Single Family Rental Securities Ratings Could Benefit From More Borrower Data

"It's important for the ratings agency to know," said Fitch Ratings' Britt Johnson. "Otherwise, we will be making more conservative assumptions on loss expectations."

Borrowers holding portfolios of single family rentals that serve as a basis for mortgage-backed securities could improve the precision of performance projections of the loans undergirding them and, ultimately, those bond ratings by supplying more financial information about their holdings, according to Fitch Ratings. 

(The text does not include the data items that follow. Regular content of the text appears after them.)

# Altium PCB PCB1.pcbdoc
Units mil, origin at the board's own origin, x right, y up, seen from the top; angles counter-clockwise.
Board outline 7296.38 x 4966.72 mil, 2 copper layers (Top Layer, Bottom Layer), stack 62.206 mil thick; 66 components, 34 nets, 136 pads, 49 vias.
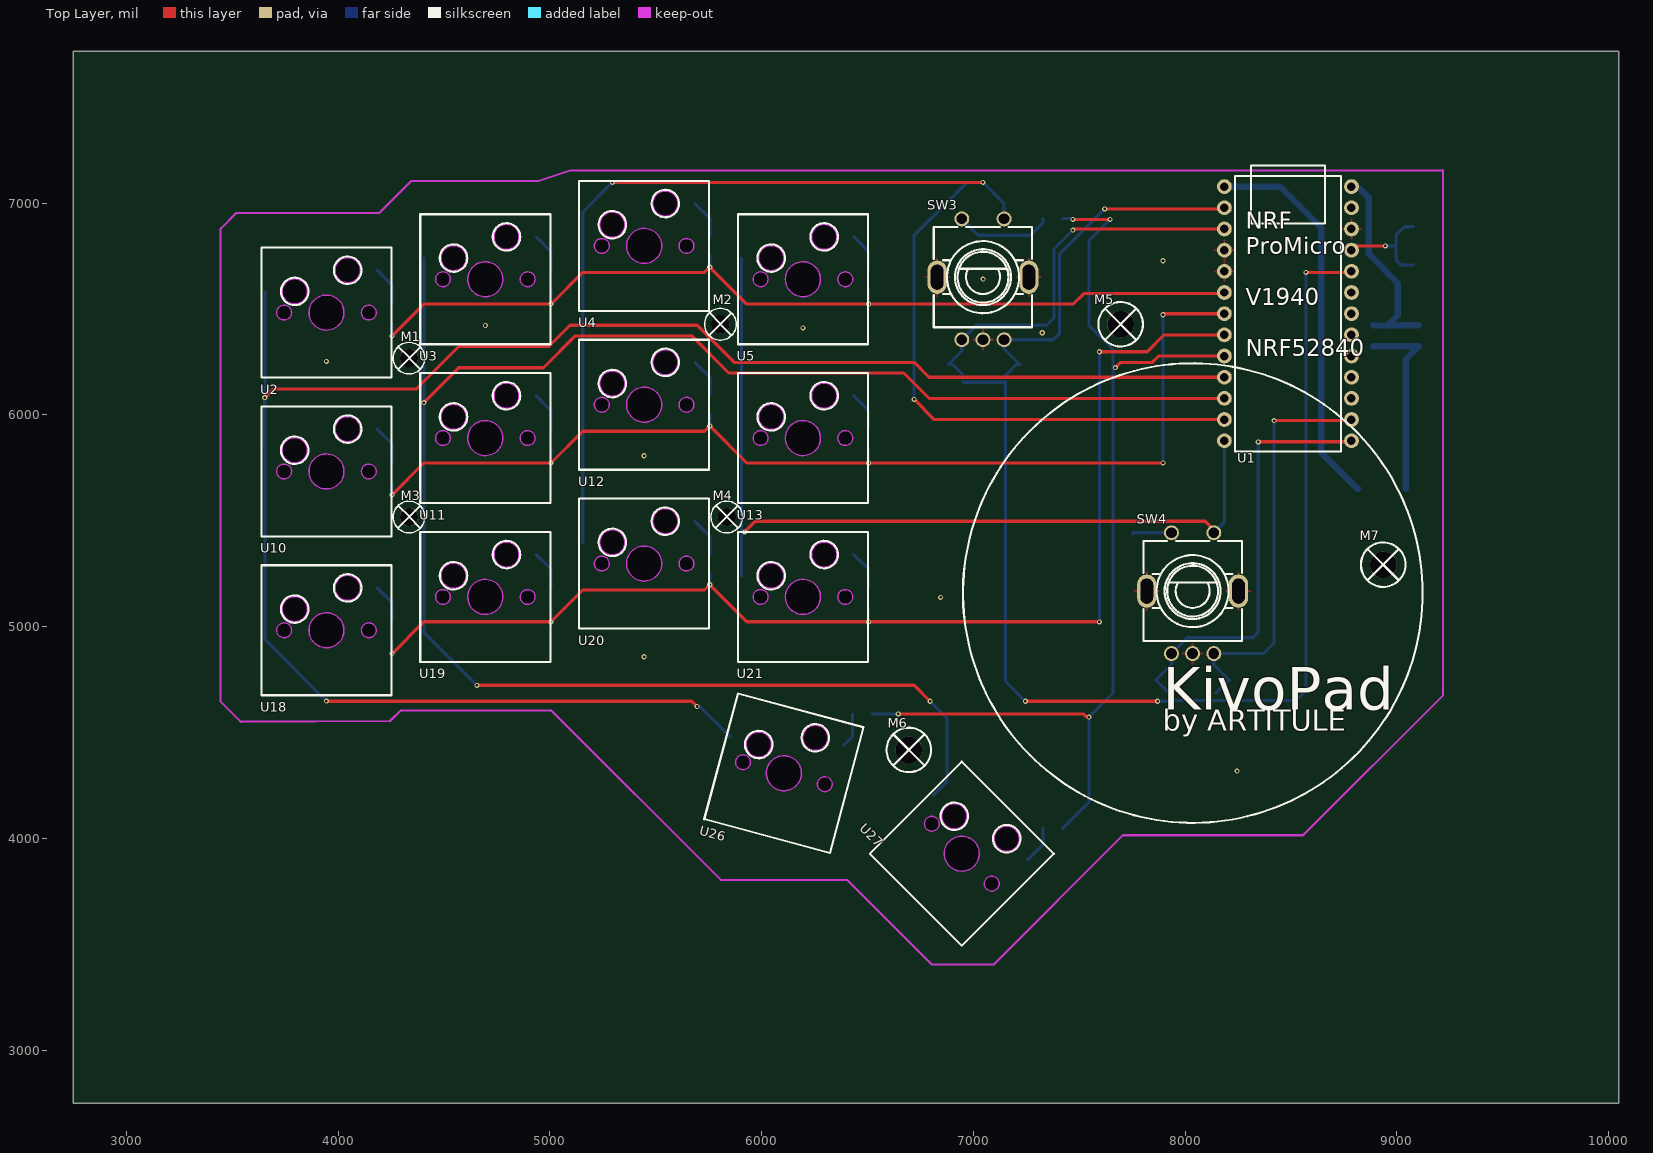
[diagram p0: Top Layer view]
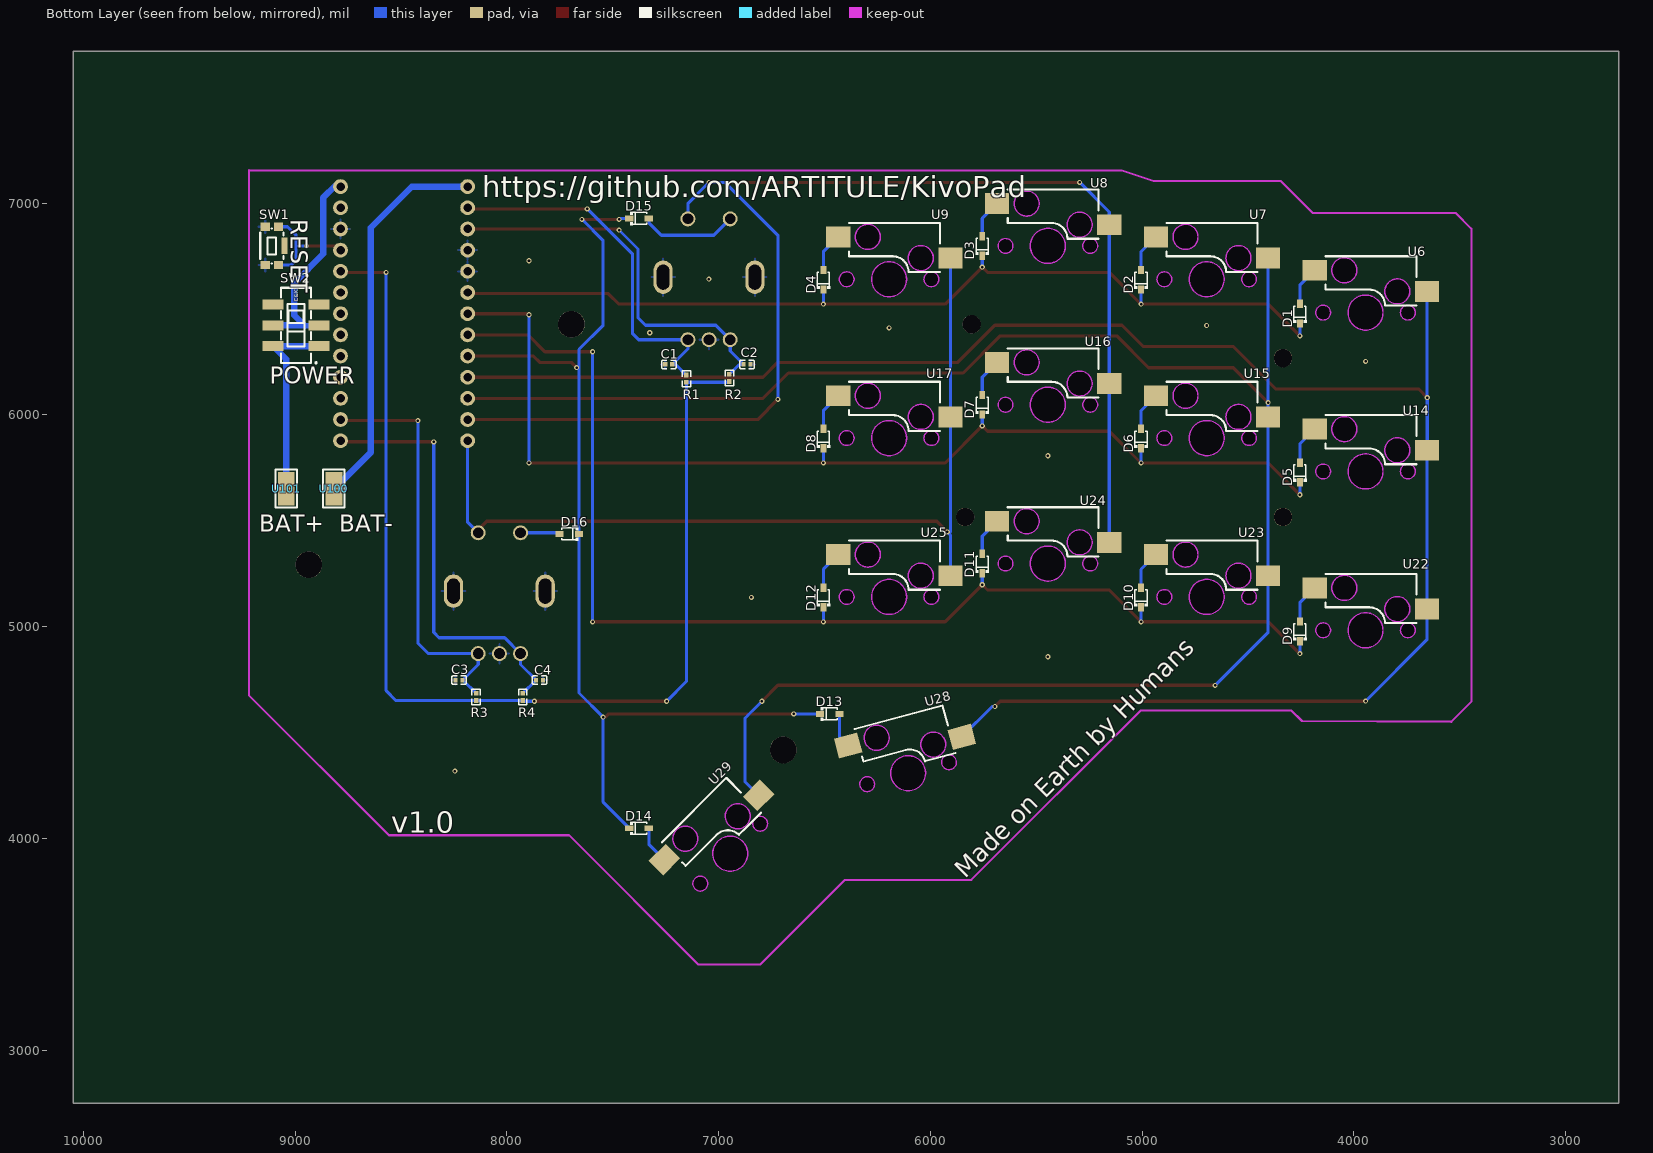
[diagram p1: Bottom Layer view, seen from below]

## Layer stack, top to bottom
Top Solder Mask Layer: solder mask 0.394, Dk 3.3
Top Layer: signal copper 1.379
Dielectric1: surface 59.449, FR4, Dk 4.5
Bottom Layer: signal copper 1.378
Bottom Solder Mask Layer: solder mask 0.394, Dk 3.3

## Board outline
10046.38,2750 2750,2750 2750,7716.72 10046.38,7716.72

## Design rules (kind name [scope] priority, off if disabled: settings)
BoardOutlineClearance copperThickness1oz [All] p0: genericclearance=10 ignorepadtopadclearanceinfootprint=FALSE except(0: Arc-SplitContinuation Track-SplitContinuation SMDPad-SplitContinuation THPad-SplitContinuation Via-SplitContinuation Fill-SplitContinuation Poly-SplitContinuation Region-SplitContinuation Text-SplitContinuation)
BoardOutlineClearance copperThickness2oz [All] p0: genericclearance=10 ignorepadtopadclearanceinfootprint=FALSE except(0: Arc-SplitContinuation Track-SplitContinuation SMDPad-SplitContinuation THPad-SplitContinuation Via-SplitContinuation Fill-SplitContinuation Poly-SplitContinuation Region-SplitContinuation Text-SplitContinuation)
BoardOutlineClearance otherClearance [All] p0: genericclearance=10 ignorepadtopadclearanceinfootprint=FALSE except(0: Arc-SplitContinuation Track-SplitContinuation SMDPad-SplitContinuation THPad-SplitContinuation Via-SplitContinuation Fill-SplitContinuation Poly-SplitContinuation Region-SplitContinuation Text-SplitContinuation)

The COVID-19 pandemic has, so far, generally affected renters more than homeowners, and many single-family-rental borrowers have sought payment relief, Fitch experts say.  Potential credit losses tied to single-family rentals will depend on the pandemic’s duration and the degree to which fiscal interventions by the federal government can mitigate the impact of the resulting recession on consumers, they said.

But ratings of restructured deals resulting from economic conditions tied to the pandemic could potentially be enhanced by additional information not typically required from single-family-rental borrowers, Fitch experts said.

Those experts recognize that single-family tenants may be longer term and in a better financial position to weather the pandemic-driven recession than multi-family rental properties. The current competitive home-buying environment may also mean that single-family tenants remain in place longer, and, thus, generate  a favorable income stream for structured finance deals, they said.

“It is our belief that single family rental … is likely a better-performing asset than other types of residential properties,” said Roelof Slump, managing director in Fitch’s U.S. residential mortgage-backed securities group.

But, unlike traditional commercial mortgage-backed securities transactions, where there are standardized financial reporting requirements, “In single-family rental transactions, the reporting does not follow the standard guidelines,” said Britt Johnson, a senior director in Fitch’s U.S. commercial mortgage-backed securities group.  “Loan servicers don’t generally get that same level of information from the borrowers.”

As a result, she said, “It does impact how conservative we are with our rating in these deals.”  Even if a loan has good amortization and good paydowns, “We tend not to upgrade these transactions because the data transparency isn’t there,” she said.

But if borrowers voluntarily supply more financial data,  Johnson said, “We may be able to accurately predict expected losses.”   That could include updated property valuations, loan modifications, cash flow, occupancy data, the projected length of time a loan may be delinquent, and what relief borrowers are seeking.

“If servicers are successful in getting information from borrowers who are requesting relief, requesting forbearances, it will make it easier for us to make accurate credit assessments,” she said.

“It’s important for the ratings agency to know,” she added. “Otherwise, we will be making more conservative assumptions on loss expectations.”